YOUR ASSIGNMENT => Every line from the start of the listing below through the line that contains "doc.units = 0" is to be reproduced word for word.

SOURCE MATERIAL =>
★ ★ ★

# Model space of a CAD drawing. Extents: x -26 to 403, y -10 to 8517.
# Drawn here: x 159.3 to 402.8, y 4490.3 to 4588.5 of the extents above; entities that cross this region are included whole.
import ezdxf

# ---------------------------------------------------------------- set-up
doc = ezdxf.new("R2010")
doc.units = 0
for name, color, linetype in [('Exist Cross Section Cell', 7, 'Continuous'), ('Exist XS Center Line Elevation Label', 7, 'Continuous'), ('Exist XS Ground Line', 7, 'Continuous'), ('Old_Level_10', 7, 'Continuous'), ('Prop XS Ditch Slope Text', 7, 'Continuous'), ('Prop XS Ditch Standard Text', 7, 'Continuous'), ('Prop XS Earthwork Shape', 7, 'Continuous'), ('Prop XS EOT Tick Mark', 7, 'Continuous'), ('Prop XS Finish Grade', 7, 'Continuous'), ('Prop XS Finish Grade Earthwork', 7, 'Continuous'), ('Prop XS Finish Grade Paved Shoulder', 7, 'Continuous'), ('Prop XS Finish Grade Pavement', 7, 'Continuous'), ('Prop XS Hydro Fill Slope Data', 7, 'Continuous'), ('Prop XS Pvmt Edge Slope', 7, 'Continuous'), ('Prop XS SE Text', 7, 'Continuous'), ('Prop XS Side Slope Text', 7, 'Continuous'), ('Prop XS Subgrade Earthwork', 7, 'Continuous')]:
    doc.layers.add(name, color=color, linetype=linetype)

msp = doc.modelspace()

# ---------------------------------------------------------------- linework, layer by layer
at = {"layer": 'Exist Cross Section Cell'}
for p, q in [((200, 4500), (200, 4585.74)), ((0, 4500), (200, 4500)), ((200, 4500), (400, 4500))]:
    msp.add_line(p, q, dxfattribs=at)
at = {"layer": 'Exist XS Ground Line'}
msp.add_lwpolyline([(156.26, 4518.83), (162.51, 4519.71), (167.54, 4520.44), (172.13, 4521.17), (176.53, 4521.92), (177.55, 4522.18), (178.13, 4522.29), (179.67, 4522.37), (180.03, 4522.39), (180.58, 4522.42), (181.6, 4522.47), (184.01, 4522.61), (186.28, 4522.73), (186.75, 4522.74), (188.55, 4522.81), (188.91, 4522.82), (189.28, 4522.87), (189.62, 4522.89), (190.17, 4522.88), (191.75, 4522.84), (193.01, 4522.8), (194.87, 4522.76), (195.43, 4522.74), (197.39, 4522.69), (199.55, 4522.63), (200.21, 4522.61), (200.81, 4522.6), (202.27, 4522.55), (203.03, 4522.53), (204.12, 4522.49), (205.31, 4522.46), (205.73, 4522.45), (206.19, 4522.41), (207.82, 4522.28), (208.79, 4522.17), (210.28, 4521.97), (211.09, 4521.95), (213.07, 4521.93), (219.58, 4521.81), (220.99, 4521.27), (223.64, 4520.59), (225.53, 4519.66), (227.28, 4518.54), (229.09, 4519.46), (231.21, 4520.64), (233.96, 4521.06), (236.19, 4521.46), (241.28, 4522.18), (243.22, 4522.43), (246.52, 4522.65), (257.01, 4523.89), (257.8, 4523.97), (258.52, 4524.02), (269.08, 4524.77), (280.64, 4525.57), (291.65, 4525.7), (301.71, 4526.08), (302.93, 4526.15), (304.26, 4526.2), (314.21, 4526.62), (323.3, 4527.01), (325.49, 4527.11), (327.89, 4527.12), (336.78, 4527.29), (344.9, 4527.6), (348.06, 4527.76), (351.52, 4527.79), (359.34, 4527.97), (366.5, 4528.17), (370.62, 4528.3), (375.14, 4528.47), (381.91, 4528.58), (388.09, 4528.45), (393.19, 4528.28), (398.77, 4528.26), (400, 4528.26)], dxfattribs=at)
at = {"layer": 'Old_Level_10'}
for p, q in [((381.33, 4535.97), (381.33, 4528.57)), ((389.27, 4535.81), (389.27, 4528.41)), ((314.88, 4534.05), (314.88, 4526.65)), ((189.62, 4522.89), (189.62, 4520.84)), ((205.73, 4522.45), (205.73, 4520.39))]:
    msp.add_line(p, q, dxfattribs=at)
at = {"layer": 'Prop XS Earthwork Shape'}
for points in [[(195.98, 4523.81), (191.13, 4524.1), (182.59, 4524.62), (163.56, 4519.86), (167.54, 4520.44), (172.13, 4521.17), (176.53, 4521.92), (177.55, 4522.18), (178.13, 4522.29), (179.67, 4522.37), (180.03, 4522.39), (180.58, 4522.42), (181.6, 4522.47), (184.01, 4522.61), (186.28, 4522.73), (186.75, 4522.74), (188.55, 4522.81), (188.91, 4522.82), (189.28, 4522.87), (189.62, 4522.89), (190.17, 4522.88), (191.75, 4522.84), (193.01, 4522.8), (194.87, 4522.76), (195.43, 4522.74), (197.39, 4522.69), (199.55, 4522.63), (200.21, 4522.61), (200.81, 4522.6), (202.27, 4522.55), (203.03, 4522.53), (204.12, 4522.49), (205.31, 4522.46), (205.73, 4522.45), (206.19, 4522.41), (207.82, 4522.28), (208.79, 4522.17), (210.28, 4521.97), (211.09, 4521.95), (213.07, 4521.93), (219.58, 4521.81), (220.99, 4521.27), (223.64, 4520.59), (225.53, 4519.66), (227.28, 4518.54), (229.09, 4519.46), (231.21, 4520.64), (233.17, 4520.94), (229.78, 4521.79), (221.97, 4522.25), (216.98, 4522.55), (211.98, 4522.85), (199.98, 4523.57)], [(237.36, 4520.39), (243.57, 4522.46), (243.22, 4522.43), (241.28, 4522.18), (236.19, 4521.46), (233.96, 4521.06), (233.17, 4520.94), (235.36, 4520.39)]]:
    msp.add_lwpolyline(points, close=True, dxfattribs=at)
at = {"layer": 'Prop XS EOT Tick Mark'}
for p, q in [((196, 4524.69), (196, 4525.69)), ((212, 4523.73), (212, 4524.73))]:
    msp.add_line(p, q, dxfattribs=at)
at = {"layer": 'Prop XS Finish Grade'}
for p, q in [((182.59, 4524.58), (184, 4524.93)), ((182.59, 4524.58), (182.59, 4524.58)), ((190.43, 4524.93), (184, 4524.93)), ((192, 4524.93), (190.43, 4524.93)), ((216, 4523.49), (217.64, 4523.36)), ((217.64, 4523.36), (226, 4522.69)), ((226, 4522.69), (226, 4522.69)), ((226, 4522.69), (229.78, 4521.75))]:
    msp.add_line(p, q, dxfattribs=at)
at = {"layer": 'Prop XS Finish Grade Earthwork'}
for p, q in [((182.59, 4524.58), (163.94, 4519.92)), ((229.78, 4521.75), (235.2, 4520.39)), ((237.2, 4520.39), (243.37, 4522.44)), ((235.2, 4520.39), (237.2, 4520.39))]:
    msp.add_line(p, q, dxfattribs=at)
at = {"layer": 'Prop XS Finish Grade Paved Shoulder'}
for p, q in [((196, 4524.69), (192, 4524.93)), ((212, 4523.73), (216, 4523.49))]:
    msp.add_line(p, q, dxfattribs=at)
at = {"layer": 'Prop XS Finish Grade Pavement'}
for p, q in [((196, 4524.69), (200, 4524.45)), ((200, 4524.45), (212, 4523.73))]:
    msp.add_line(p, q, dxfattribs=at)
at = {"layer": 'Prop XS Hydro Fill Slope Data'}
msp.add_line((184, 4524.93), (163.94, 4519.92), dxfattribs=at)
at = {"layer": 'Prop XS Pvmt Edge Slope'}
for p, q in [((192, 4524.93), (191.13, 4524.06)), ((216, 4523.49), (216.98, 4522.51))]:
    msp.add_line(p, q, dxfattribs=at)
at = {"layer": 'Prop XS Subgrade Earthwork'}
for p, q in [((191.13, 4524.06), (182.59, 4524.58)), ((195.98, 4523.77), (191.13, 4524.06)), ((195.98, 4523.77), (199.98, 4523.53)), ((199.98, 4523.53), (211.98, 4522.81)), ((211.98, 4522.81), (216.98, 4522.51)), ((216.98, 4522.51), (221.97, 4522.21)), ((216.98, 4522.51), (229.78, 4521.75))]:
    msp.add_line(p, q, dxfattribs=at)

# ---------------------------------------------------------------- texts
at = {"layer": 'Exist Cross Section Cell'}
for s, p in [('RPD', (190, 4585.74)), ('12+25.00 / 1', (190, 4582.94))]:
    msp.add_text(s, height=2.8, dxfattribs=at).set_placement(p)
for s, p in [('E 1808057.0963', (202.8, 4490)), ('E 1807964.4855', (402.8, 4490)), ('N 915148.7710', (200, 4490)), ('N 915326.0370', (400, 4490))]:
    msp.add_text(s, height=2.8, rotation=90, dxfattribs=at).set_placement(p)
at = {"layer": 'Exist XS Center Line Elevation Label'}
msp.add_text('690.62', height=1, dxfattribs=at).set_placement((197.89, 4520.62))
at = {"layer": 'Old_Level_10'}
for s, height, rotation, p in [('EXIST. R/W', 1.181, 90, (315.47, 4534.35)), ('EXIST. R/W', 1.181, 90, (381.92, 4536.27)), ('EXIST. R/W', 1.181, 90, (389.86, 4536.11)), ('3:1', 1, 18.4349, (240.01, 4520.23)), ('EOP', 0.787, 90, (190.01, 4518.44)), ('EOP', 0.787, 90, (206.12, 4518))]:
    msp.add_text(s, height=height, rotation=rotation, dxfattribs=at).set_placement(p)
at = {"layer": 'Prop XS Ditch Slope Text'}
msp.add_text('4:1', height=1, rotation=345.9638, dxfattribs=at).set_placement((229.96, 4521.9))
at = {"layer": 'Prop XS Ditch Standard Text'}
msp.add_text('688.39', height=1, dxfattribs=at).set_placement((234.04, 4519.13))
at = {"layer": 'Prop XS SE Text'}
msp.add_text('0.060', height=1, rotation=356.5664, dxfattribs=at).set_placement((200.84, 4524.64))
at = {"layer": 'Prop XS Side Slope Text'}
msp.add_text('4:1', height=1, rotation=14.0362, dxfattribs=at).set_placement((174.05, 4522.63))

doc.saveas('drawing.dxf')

★ ★ ★

WRITTEN ANSWER =>
# Model space of a CAD drawing. Extents: x -26 to 403, y -10 to 8517.
# Drawn here: x 159.3 to 402.8, y 4490.3 to 4588.5 of the extents above; entities that cross this region are included whole.
import ezdxf

# ---------------------------------------------------------------- set-up
doc = ezdxf.new("R2010")
doc.units = 0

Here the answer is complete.